[How to complete this task] The line containing "#15038 = DIRECTION( '', ( 0., 0., -1. ) );" marks the start; repeat it and every following line exactly through the end of the entries.

[Supplied information — start]

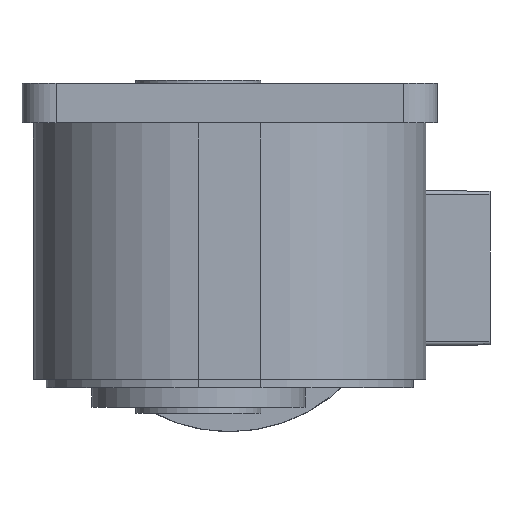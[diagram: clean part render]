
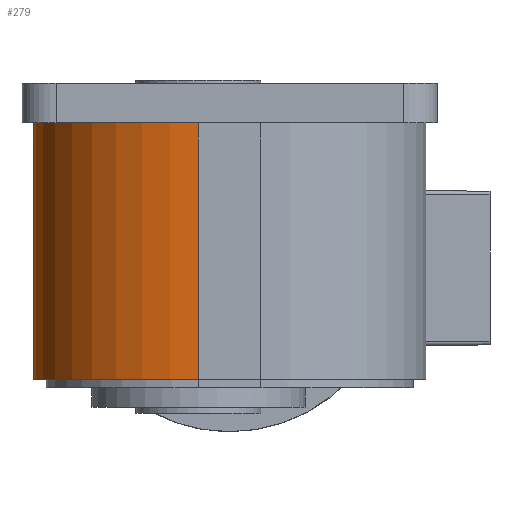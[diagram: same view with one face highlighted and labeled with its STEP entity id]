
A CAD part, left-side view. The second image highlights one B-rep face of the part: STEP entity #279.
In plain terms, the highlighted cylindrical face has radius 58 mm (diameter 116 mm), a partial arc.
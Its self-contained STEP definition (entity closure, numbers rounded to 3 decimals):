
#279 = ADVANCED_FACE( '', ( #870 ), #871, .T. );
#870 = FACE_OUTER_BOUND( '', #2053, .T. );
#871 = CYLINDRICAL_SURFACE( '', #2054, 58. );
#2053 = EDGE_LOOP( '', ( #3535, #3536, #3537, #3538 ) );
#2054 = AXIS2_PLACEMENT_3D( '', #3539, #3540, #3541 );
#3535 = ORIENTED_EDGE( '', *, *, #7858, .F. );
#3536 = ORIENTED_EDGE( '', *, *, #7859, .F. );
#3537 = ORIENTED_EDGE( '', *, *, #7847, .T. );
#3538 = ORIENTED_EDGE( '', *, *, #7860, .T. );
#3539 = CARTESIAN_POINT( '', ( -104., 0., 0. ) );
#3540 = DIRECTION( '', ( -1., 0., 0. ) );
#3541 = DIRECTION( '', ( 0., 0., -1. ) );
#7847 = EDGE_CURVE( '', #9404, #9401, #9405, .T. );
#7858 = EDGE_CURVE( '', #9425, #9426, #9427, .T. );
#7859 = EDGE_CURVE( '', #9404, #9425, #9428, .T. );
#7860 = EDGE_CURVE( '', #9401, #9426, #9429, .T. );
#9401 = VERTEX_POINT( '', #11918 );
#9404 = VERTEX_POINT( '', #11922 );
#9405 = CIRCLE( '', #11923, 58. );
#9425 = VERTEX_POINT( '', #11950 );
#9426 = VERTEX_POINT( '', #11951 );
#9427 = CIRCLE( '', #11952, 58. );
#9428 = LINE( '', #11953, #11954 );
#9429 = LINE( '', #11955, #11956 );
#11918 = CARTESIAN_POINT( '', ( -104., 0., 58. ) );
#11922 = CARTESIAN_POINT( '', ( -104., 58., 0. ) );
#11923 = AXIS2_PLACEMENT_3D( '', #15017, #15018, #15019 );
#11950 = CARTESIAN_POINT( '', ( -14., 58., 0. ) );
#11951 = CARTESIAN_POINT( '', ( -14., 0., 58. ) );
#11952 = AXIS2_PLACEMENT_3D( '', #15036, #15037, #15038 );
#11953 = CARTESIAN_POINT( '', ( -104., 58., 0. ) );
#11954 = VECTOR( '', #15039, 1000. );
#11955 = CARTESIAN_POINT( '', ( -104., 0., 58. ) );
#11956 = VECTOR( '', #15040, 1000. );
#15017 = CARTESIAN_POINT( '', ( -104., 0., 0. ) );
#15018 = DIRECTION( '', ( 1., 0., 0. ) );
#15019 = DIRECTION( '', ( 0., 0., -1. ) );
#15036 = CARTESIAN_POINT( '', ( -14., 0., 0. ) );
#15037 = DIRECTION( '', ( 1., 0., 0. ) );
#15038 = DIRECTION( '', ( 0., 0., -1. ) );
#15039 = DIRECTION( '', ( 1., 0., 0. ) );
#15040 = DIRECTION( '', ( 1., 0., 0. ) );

[Supplied information — finish]

[Reply to the task]
#15038 = DIRECTION( '', ( 0., 0., -1. ) );
#15039 = DIRECTION( '', ( 1., 0., 0. ) );
#15040 = DIRECTION( '', ( 1., 0., 0. ) );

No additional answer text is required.